Bahubal Upazila mauza geocode map

Bahubal (বাহুবল), is an upazila of Habiganj District in Sylhet Division, Bangladesh.

==History==
Bahubal was a part of the Tungachhal and Rajpur kingdoms. The last Raja of Tungachhal, Achak Narayan, was defeated in 1303 during the Conquest of Taraf by Syed Nasiruddin and his 12 lascars.
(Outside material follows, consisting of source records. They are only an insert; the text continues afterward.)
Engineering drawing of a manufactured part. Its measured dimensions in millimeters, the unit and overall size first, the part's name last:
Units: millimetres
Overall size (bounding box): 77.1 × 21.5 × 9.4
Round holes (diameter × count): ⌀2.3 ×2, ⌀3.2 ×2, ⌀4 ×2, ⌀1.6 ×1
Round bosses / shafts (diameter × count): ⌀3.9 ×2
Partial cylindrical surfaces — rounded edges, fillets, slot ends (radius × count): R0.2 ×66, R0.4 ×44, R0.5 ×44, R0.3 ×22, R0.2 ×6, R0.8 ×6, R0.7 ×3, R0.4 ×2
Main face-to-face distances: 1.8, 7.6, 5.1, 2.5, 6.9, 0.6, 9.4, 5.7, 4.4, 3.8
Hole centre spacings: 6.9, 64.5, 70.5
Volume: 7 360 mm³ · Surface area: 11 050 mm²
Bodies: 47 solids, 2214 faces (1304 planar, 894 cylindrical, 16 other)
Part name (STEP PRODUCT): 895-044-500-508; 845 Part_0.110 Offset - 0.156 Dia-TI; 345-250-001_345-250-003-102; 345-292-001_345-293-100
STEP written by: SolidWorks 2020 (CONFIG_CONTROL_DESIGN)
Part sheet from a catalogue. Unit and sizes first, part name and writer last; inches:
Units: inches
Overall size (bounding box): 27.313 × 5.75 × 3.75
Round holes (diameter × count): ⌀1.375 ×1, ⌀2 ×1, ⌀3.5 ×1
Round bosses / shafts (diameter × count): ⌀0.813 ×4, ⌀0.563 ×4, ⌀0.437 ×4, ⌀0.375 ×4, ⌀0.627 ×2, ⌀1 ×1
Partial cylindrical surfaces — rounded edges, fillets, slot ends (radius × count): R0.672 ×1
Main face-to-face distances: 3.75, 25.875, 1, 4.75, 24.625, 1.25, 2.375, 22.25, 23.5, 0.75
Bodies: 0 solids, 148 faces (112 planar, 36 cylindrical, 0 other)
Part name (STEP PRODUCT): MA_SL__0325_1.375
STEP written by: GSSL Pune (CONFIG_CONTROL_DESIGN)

In the 17th century, after Khwaja Usman's departure from Bokainagar Fort, he reached Putijuri in Bahubal. Here, he built a fort at the foot of the Giripal and stationed his brothers, Malhi and Wali, and son, Mumriz in Putia Hill.

দক্ষিণ ভাগ থেকে আইলো মাল, মির মিরাইয়া চায়
Dokkhin bhag theke ailo Mal, mir miraiya chay
A wrestler came from Dakshinbhag, glaring around at everyone
কুদরত মালের ঘুষি খাইয়া গড়াগড়ি যায়
Qudrot Maler ghushi khaiya goragori jay
He got a punch from Qudrot the Wrestler, and went rolling away

The area was historically famous to be the home of fighters and people of physical strength. Famed for sports such as malla-yuddha and lathi khela. One day, a wrestler (Mal) from Dakshinbhag, Moulvibazar, came to this area to fight another wrestler by the name of Qudrat Mal in a game of malla-yuddha. Qudrat defeated the wrestler and made his famous statement, "Bahuka Bol Dekh, Beta". This phrase became famous in the local area and from Bahuka-Bol, the place was eventually shortened to Bahubal. This incident is remembered through a common folk rhyme.

On 20 December 1793, Bahubal became a part of Lashkarpur District. In 1921, Bahubal was made thana headquarter.

During the 1950 East Pakistan riots, the village of Silani was attacked at 9 A.M. on 15 February. The mob raised provocative slogans and set fire to many homes. The inhabitants fled to the nearby jungles to save their lives, while the others were killed.

Bahubal thana was upgraded to an upazila in 1984.

==Geography==
Bahubal is located at . It has a total area of 250.65 km^{2}.

==Demographics==

According to the 2022 Bangladeshi census, Bahubal Upazila had 44,372 households and a population of 219,377. 11.48% of the population were under 5 years of age. Bahubal had a literacy rate (age 7 and over) of 68.03%: 69.57% for males and 66.56% for females, and a sex ratio of 97.43 males for every 100 females. 11,801 (5.38%) lived in urban areas. Ethnic population is 3858 (1.76%) of which Santal are 1516.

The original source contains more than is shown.